Please repeat the entries below exactly as written, leaving out any images.

BEGIN Records for this task

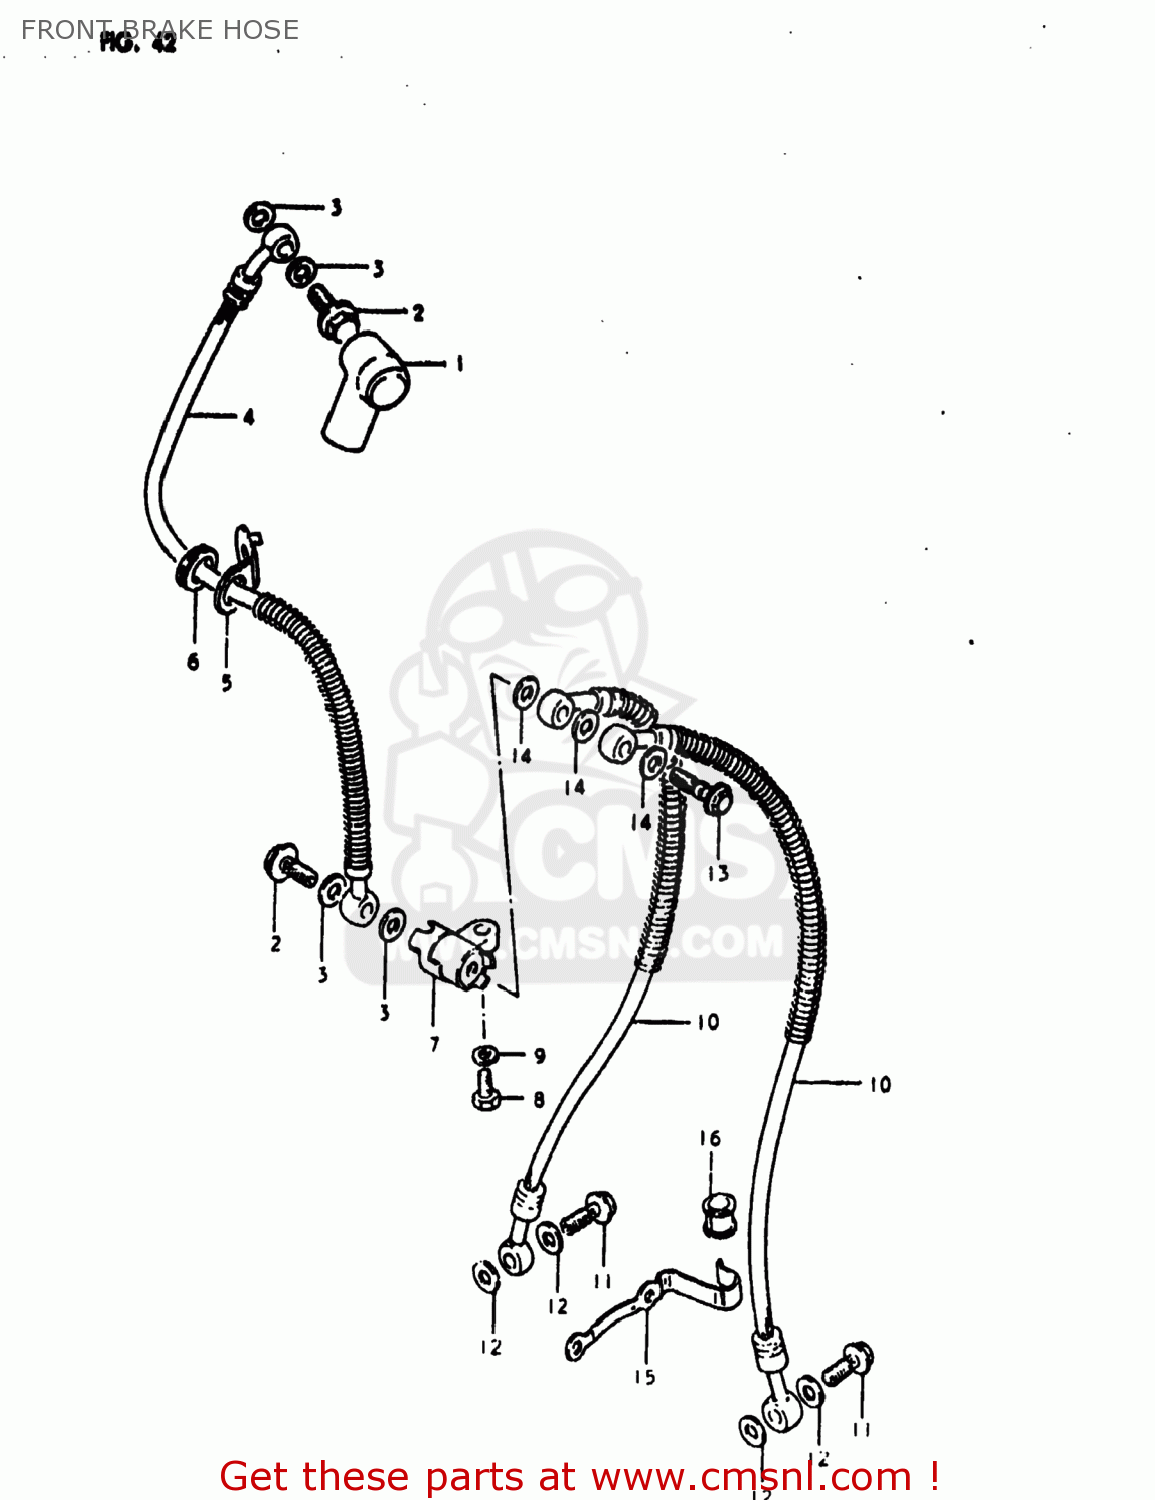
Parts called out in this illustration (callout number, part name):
1	BOOT,MASTER CYLINDER
2	BOLT,UNION
3	WASHER
4	HOSE,FRONT BRAKE
5	GUIDE,BRAKE HOSE
6	GROMMET
7	JOINT,BRAKE HOSE
8	BOLT
9	LOCK WASHER
10	HOSE,FRONT BRAKE
11	BOLT,UNION
12	WASHER
13	BOLT,UNION
14	WASHER
15	GUIDE,BRAKE HOSE NO.2
16	BUSH,BRAKE HOSE GUIDE,NO.2

END Records for this task

* Answer section
Parts called out in this illustration (callout number, part name):
1	BOOT,MASTER CYLINDER
2	BOLT,UNION
3	WASHER
4	HOSE,FRONT BRAKE
5	GUIDE,BRAKE HOSE
6	GROMMET
7	JOINT,BRAKE HOSE
8	BOLT
9	LOCK WASHER
10	HOSE,FRONT BRAKE
11	BOLT,UNION
12	WASHER
13	BOLT,UNION
14	WASHER
15	GUIDE,BRAKE HOSE NO.2
16	BUSH,BRAKE HOSE GUIDE,NO.2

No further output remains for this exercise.